→ **Your assignment**:
Write out the listing below from the line containing "R99 = RES_10K_1/16W_1%_0402: RES" to its last line, unaltered, ends included.

------------------------------------

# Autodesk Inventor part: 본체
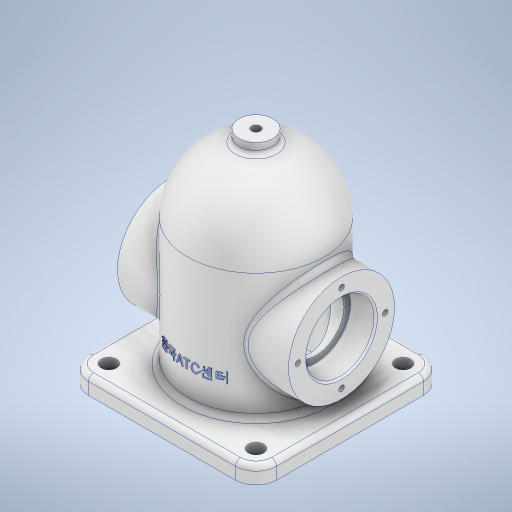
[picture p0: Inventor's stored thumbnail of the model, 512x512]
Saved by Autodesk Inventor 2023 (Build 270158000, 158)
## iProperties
Created: 2025-04
Part Number: 본체
Material: 알루미늄 6061
Document SubType Name: Modeling
Designer: user
Mass: 865.906 g
Surface Area: 800.755 cm^2
Volume: 320.706 cm^3
Density: 2.7 g/cm^3
Appearance: 알루미늄 - 평지
Author: user
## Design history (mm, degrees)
sketch "스케치1"
  geometry: L1 (-57.941, 0)-(9.657, 0) reference; L2 (0, -26.457)-(0, 158.741) reference; L3 (0, 0)-(-40, 0); L4 (-40, 0)-(-40, 84); L5 (-40, 84)-(0, 84); L6 (0, 84)-(0, 0); L7 (0, 124)-(0, 0); A1 r 40 centre (0, 84) between (0, 124) and (-40, 84); 2 further points
  constraints: 10 end point, 3 point on line, 2 parallel, 2 perpendicular, 2 point on circle, 1 centre point, 1 coincident, 1 horizontal, 1 midpoint
  dimensions: "d0" = 84 distance from line of point (-20, 0) L5; "d1" = 40 radius of A1
revolve "회전1" sketch "스케치1" stored, may be unused: angle "d2" = 90 deg
sketch "스케치2"
  geometry: L1 (-24.8, 0)-(148.8, 0) reference; L2 (0, -56)-(0, 56) reference; C1 r 31 at (48, 0); 1 further point
  constraints: 1 centre point, 1 horizontal alignment
  dimensions: "d3" = 62 diameter of C1; "d4" = 48 distance from line of L2 C1.centre
extrude "돌출1" join sketch "스케치2" stored distance "d5" = 100; taper "d6" = 0 deg
sketch "스케치3"
  geometry: L1 (-55, 55)-(55, 55); L2 (55, 55)-(55, -55); L3 (55, -55)-(-55, -55); L4 (-55, -55)-(-55, 55); L5 (-55, 55)-(55, -55); L6 (55, 55)-(-55, -55); 1 further point
  constraints: 12 end point, 2 midpoint, 2 parallel, 1 horizontal, 1 perpendicular
  dimensions: "d7" = 110 distance of L1.end L2.end; "d8" = 110 distance of L2.end L3.end
extrude "돌출2" join sketch "스케치3" distance "d9" = 10; taper "d10" = 0 deg
sketch "스케치5"
  geometry: L1 (40, 84)-(40, 79) reference; L2 (40, 79)-(50, 79) reference; L3 (50, 79)-(50, 17) reference; L4 (50, 17)-(40, 17) reference; L5 (40, 17)-(40, 10) reference; L6 (40, 10)-(55, 10) reference; L7 (55, 10)-(55, 0) reference; L8 (55, 0)-(-55, 0) reference; L9 (-55, 0)-(-55, 10) reference; L10 (-55, 10)-(-40, 10) reference; L11 (-40, 10)-(-40, 17) reference; L12 (-40, 17)-(-50, 17) reference; L13 (-50, 17)-(-50, 79) reference; L14 (-50, 79)-(-40, 79) reference; L15 (-40, 79)-(-40, 84) reference; L16 (32, 84)-(32, 0); L17 (55, 0)-(-55, 0) reference; L18 (0, 116)-(0, 0); L19 (32, 0)-(0, 0); L20 (0, -26.457)-(0, 158.741) reference; A1 r 40 centre (0, 84) between (40, 84) and (0, 124) reference; A2 r 40 centre (0, 84) between (0, 124) and (-40, 84) reference; A3 r 32 centre (0, 84) between (32, 84) and (0, 116); 1 further point
  constraints: 6 end point, 2 point on circle, 1 centre point, 1 collinear, 1 perpendicular, 1 point on line, 1 vertical
  dimensions: "d12" = 32 radius of A3; "d13" = 84 distance of L16.start L16.end
revolve "회전2" sketch "스케치5" stored, may be unused: angle "d14" = 90 deg
sketch "스케치6"
  geometry: C1 r 20 at (0, 0); C2 r 31 at (0, 0) reference; 1 further point
  constraints: 1 centre point, 1 concentric
  dimensions: "d15" = 40 diameter of C1
extrude "돌출3" cut sketch "스케치6" distance "d16" = 15; taper "d17" = 0 deg
sketch "스케치8"
  geometry: C1 r 16.5 at (0, 0); C2 r 20 at (0, 0) reference; 1 further point
  constraints: 1 centre point, 1 concentric
  dimensions: "d18" = 33 diameter of C1
extrude "돌출4" cut sketch "스케치8" extent not by distance; stored distance "d19" = 0; taper "d20" = 0 deg
node "작업 평면1"
sketch "스케치9"
  geometry: C1 r 32 at (55, 55) reference; C2 r 10 at (55, 55); 1 further point
  constraints: 1 centre point, 1 coincident
  dimensions: "d22" = 20 diameter of C2
extrude "돌출5" join sketch "스케치9" stored distance "d23" = 10; taper "d24" = 0 deg
sketch "스케치10" dims "d25" = 51
  geometry: L1 (0, -72.8)-(0, 100.8) reference; C1 r 20 at (0, 0) reference; 3 further points
  constraints: 2 vertical alignment, 3 other
hole "구멍1" sketch "스케치10" at (0, 25.5) diameter "d26" = 3.242; stored, may be unused: countersink angle "d30" = 90 deg, drill point angle "d32" = 118 deg; dims "d27" = 8, "d28" = 4, "d29" = 2, "d31" = 10
sketch "스케치11"
  geometry: 2 further points
  constraints: 1 coincident
hole "구멍2" sketch "스케치11" at (0, 0) diameter "d36" = 5.1881; stored, may be unused: countersink angle "d40" = 90 deg, drill point angle "d42" = 0 deg; dims "d37" = 12, "d38" = 4, "d39" = 2, "d41" = 16
fillet "모깎기1" dims "d43" = 0.3
fillet "모깎기2" dims "d44" = 12
sketch "스케치12"
  geometry: L1 (0, 77.497)-(0, -79.982) reference; L2 (-79.982, 0)-(77.497, 0) reference; C1 r 4.5 at (-43, -43); C2 r 4.5 at (-43, 43); C3 r 4.5 at (43, 43); C4 r 4.5 at (43, -43); A1 r 12 centre (-43, -43) between (-55, -43) and (-43, -55) reference; 1 further point
  constraints: 4 centre point, 3 symmetric about line, 1 coincident, 3 other
  dimensions: "d45" = 9 diameter of C1
extrude "돌출6" cut sketch "스케치12" extent not by distance; stored distance "d46" = 0; taper "d47" = 0 deg
fillet "모깎기3" dims "d48" = 3
fillet "모깎기4" dims "d49" = 3
fillet "모깎기5" dims "d50" = 3
chamfer "모따기1" distance "d51" = 1; stored, may be unused: second distance "d52" = 2, angle "d53" = 45 deg
node "작업 평면2"
sketch "스케치13"
  geometry: L1 (0, -24.8)-(0, 148.8) reference; L2 (-77, 0)-(77, 0) reference; 2 further points
  constraints: 1 vertical alignment, 1 other
  dimensions: "d58" = 30 distance from line of L2 point (0, 30)
feature "엠보싱1" sketch "스케치13" dims "d7" = 110, "d8" = 110, "d56" = 0.5, "d57" = 0
node "솔리드1"
mirror "미러1"
pattern_circular "원형 패턴1" dims angle "d34" = 360 deg
mirror "미러2"
node "절단 모서리 투영1"
feature "A9D066F2-1C7D-4E18-AEED-F7BC21143FA4" dims "d26" = 3.242, "d27" = 8, "d28" = 4, "d29" = 2, "d30" = 90 deg, "d31" = 10, "d32" = 118 deg
other parameters: "d21" = -129, "d54" = 99.75
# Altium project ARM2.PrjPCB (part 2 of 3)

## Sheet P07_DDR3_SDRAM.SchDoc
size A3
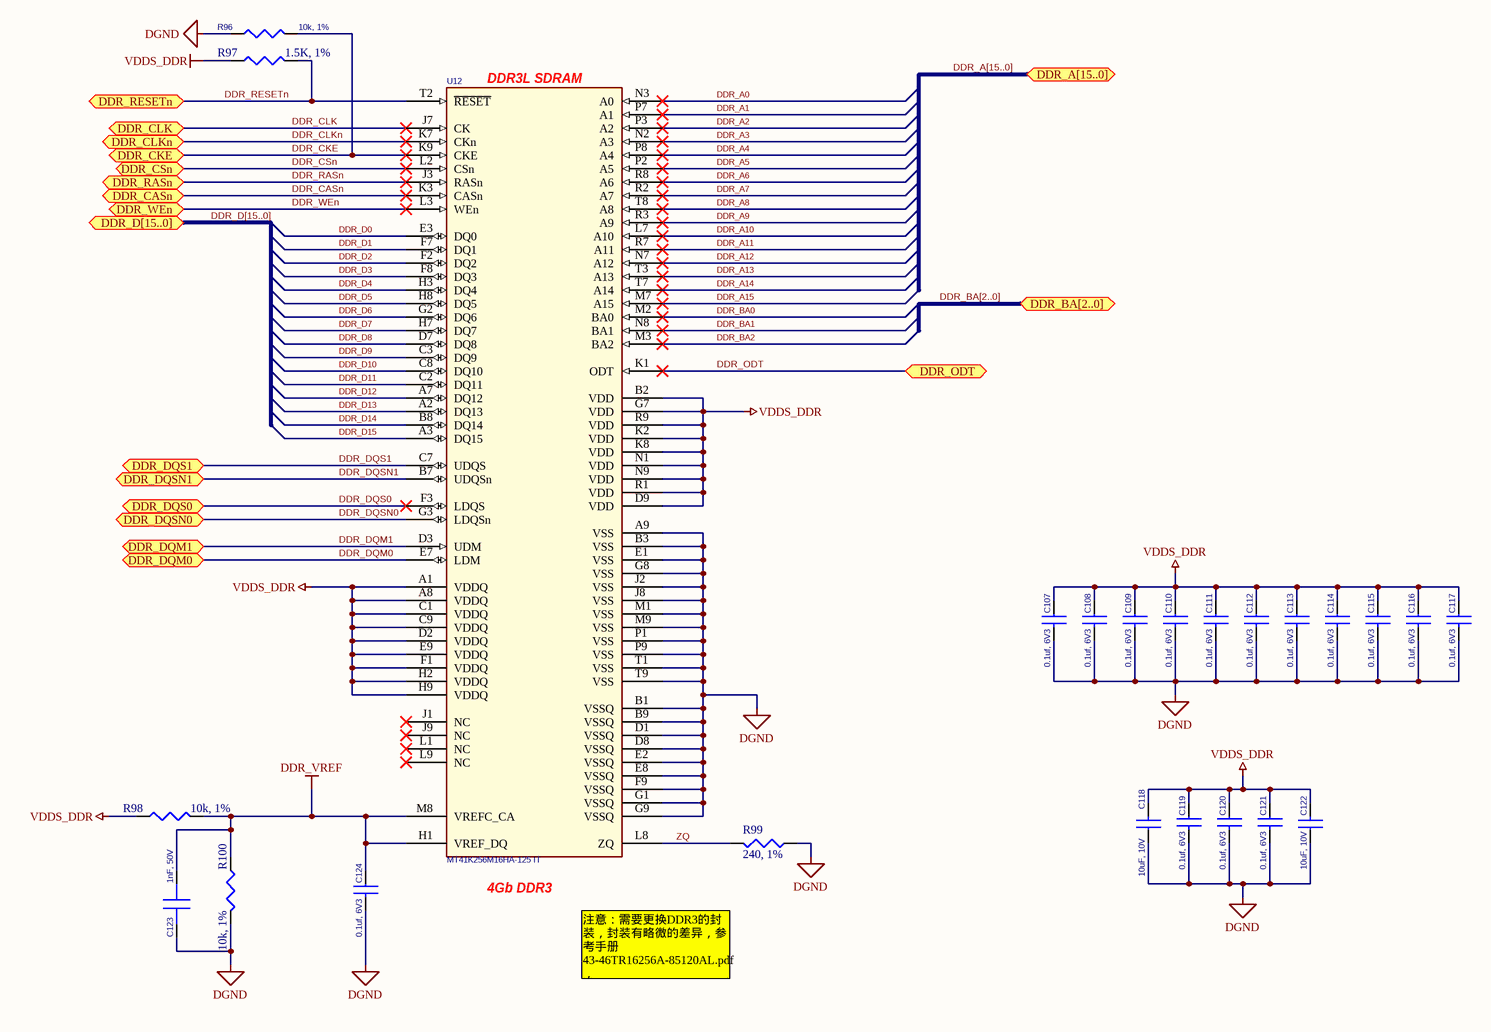
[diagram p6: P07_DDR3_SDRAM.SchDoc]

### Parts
C107  0.1uf, 6V3  [402]
C108  0.1uf, 6V3  [402]
C109  0.1uf, 6V3  [402]
C110  0.1uf, 6V3  [402]
C111  0.1uf, 6V3  [402]
C112  0.1uf, 6V3  [402]
C113  0.1uf, 6V3  [402]
C114  0.1uf, 6V3  [402]
C115  0.1uf, 6V3  [402]
C116  0.1uf, 6V3  [402]
C117  0.1uf, 6V3  [402]
C118  10uF, 10V  [805]
C119  0.1uf, 6V3  [402]
C120  0.1uf, 6V3  [402]
C121  0.1uf, 6V3  [402]
C122  10uF, 10V  [805]
C123  1nF, 50V  [402]
C124  0.1uf, 6V3  [402]
R96  10k, 1%  [R0402]
R97  1.5K, 1%  [R0402]
R98  10k, 1%  [R0402]
R99  240, 1%  [R0402]
R100  10k, 1%  [R0402]
U12  MT41K256M16HA-125 IT  [IS43TR16256A-15HBLI/MT41K256M16HA-125 IT_E TR]

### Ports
DDR_A[15..0], DDR_BA[2..0], DDR_CASn, DDR_CKE, DDR_CLK, DDR_CLKn, DDR_CSn, DDR_D[15..0], DDR_DQM0, DDR_DQM1, DDR_DQS0, DDR_DQS1, DDR_DQSN0, DDR_DQSN1, DDR_ODT, DDR_RASn, DDR_RESETn, DDR_WEn

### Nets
DDR_VREF: C123.1 C124.1 R98.2 R100.1 U12.H1(VREF_DQ) U12.M8(VREFC_CA)
DGND: C107.2 C108.2 C109.2 C110.2 C111.2 C112.2 C113.2 C114.2 C115.2 C116.2 C117.2 C118.1 C119.2 C120.2 C121.2 C122.1 C123.2 C124.2 R96.1 R99.1 R100.2 U12.A9(VSS) U12.B1(VSSQ) U12.B3(VSS) U12.B9(VSSQ) U12.D1(VSSQ) U12.D8(VSSQ) U12.E1(VSS) U12.E2(VSSQ) U12.E8(VSSQ) U12.F9(VSSQ) U12.G1(VSSQ) U12.G8(VSS) U12.G9(VSSQ) U12.J2(VSS) U12.J8(VSS) U12.M1(VSS) U12.M9(VSS) U12.P1(VSS) U12.P9(VSS) U12.T1(VSS) U12.T9(VSS)
VDDS_DDR: C107.1 C108.1 C109.1 C110.1 C111.1 C112.1 C113.1 C114.1 C115.1 C116.1 C117.1 C118.2 C119.1 C120.1 C121.1 C122.2 R97.1 R98.1 U12.A1(VDDQ) U12.A8(VDDQ) U12.B2(VDD) U12.C1(VDDQ) U12.C9(VDDQ) U12.D2(VDDQ) U12.D9(VDD) U12.E9(VDDQ) U12.F1(VDDQ) U12.G7(VDD) U12.H2(VDDQ) U12.H9(VDDQ) U12.K2(VDD) U12.K8(VDD) U12.N1(VDD) U12.N9(VDD) U12.R1(VDD) U12.R9(VDD)
DDR_A0: U12.N3(A0)
DDR_A1: U12.P7(A1)
DDR_A2: U12.P3(A2)
DDR_A3: U12.N2(A3)
DDR_A4: U12.P8(A4)
DDR_A5: U12.P2(A5)
DDR_A6: U12.R8(A6)
DDR_A7: U12.R2(A7)
DDR_A8: U12.T8(A8)
DDR_A9: U12.R3(A9)
DDR_A10: U12.L7(A10)
DDR_A11: U12.R7(A11)
DDR_A12: U12.N7(A12)
DDR_A13: U12.T3(A13)
DDR_A14: U12.T7(A14)
DDR_A15: U12.M7(A15)
DDR_BA0: U12.M2(BA0)
DDR_BA1: U12.N8(BA1)
DDR_BA2: U12.M3(BA2)
DDR_CASn: U12.K3(CASn) ; port DDR_CASn
DDR_CKE: R96.2 U12.K9(CKE) ; port DDR_CKE
DDR_CLK: U12.J7(CK) ; port DDR_CLK
DDR_CLKn: U12.K7(CKn) ; port DDR_CLKn
DDR_CSn: U12.L2(CSn) ; port DDR_CSn
DDR_D0: U12.E3(DQ0)
DDR_D1: U12.F7(DQ1)
DDR_D2: U12.F2(DQ2)
DDR_D3: U12.F8(DQ3)
DDR_D4: U12.H3(DQ4)
DDR_D5: U12.H8(DQ5)
DDR_D6: U12.G2(DQ6)
DDR_D7: U12.H7(DQ7)
DDR_D8: U12.D7(DQ8)
DDR_D9: U12.C3(DQ9)
DDR_D10: U12.C8(DQ10)
DDR_D11: U12.C2(DQ11)
DDR_D12: U12.A7(DQ12)
DDR_D13: U12.A2(DQ13)
DDR_D14: U12.B8(DQ14)
DDR_D15: U12.A3(DQ15)
DDR_DQM0: U12.E7(LDM) ; port DDR_DQM0
DDR_DQM1: U12.D3(UDM) ; port DDR_DQM1
DDR_DQS0: U12.F3(LDQS) ; port DDR_DQS0
DDR_DQS1: U12.C7(UDQS) ; port DDR_DQS1
DDR_DQSN0: U12.G3(LDQSn) ; port DDR_DQSN0
DDR_DQSN1: U12.B7(UDQSn) ; port DDR_DQSN1
DDR_ODT: U12.K1(ODT) ; port DDR_ODT
DDR_RASn: U12.J3(RASn) ; port DDR_RASn
DDR_RESETn: R97.2 U12.T2(~{RESET}) ; port DDR_RESETn
DDR_WEn: U12.L3(WEn) ; port DDR_WEn
ZQ: R99.2 U12.L8(ZQ)

Not connected (* = marked no-connect by the designer): U12 J1(NC)* J9(NC)* L1(NC)* L9(NC)*

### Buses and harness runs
bus DDR_A[15..0] = port DDR_A[15..0]
bus DDR_BA[2..0] = port DDR_BA[2..0]
bus DDR_D[15..0] = port DDR_D[15..0]

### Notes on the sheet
- (near U12) DDR3L SDRAM
- (near U12) 4Gb DDR3
- 注意：需要更换DDR3的封装，封装有略微的差异，参考手册43-46TR16256A-85120AL.pdf，
  96-ball FBGA (9mm*13mm)

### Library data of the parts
C107-C117 C119-C121 C124 = CAP_0.01uf_X7R_16V_10%_0402: CAP CER 0.1UF 6.3V 10% X5R 0402; Manufacturer: TDK Corporation; Manufacturer Part Number: C1005X5R0J104K050BA; Capacitance: 0.1µF; Tolerance: ?0%
C118 C122 = CAP_4.7uF_X5R_6.3V_10%_0603: CAP CER 10UF 10V Y5V 0805; Manufacturer: TDK Corporation; Manufacturer Part Number: C2012Y5V1A106Z; Capacitance: 10µF; Tolerance: -20%, +80%; Temperature Coefficient: Y5V (F)
C123 = CAP SMD: CAP CER 1000PF 16V 10% X7R 0402; Manufacturer: Yageo; Manufacturer Part Number: CC0402KRX7R7BB102; Tolerance: ?0%
R96 R98 R100 = RES_10K_1/16W_1%_0402: RES 10K OHM 1/16W 5% 0402 SMD; Manufacturer: Rohm Semiconductor; Manufacturer Part Number: MCR01MZPJ103; Power (Watts): 0.063W, 1/16W; Temperature Coefficient: ?00ppm/°C; Tolerance: ?%
R97 = RES_10K_1/16W_1%_0402: RES 1.50K OHM 1/16W 1% 0402 SMD; Manufacturer: Yageo; Manufacturer Part Number: RC0402FR-071K5L; Power (Watts): 0.063W, 1/16W; Temperature Coefficient: ?00ppm/°C; Tolerance: ?%
R99 = RES_10K_1/16W_1%_0402: RES 240 OHM 1/10W 5% 0402 SMD; Manufacturer: Yageo; Manufacturer Part Number: RC0402FR-07240RL; Resistance (Ohms): 240; Power (Watts): 0.063W, 1/16W; Temperature Coefficient: ?00ppm/°C; Tolerance: ?%
U12 = MT41K256M16HA: DDR2 SDRAM 2Gb (256Mx8); Manufacturer: ISSI; Manufacturer Part Number: IS43TR16256A-15HBLI; Lead Time: 0 weeks

## Sheet P08_NandFlash.SchDoc
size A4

------------------------------------

→ **Solution to this problem**:
R99 = RES_10K_1/16W_1%_0402: RES 240 OHM 1/10W 5% 0402 SMD; Manufacturer: Yageo; Manufacturer Part Number: RC0402FR-07240RL; Resistance (Ohms): 240; Power (Watts): 0.063W, 1/16W; Temperature Coefficient: ?00ppm/°C; Tolerance: ?%
U12 = MT41K256M16HA: DDR2 SDRAM 2Gb (256Mx8); Manufacturer: ISSI; Manufacturer Part Number: IS43TR16256A-15HBLI; Lead Time: 0 weeks

## Sheet P08_NandFlash.SchDoc
size A4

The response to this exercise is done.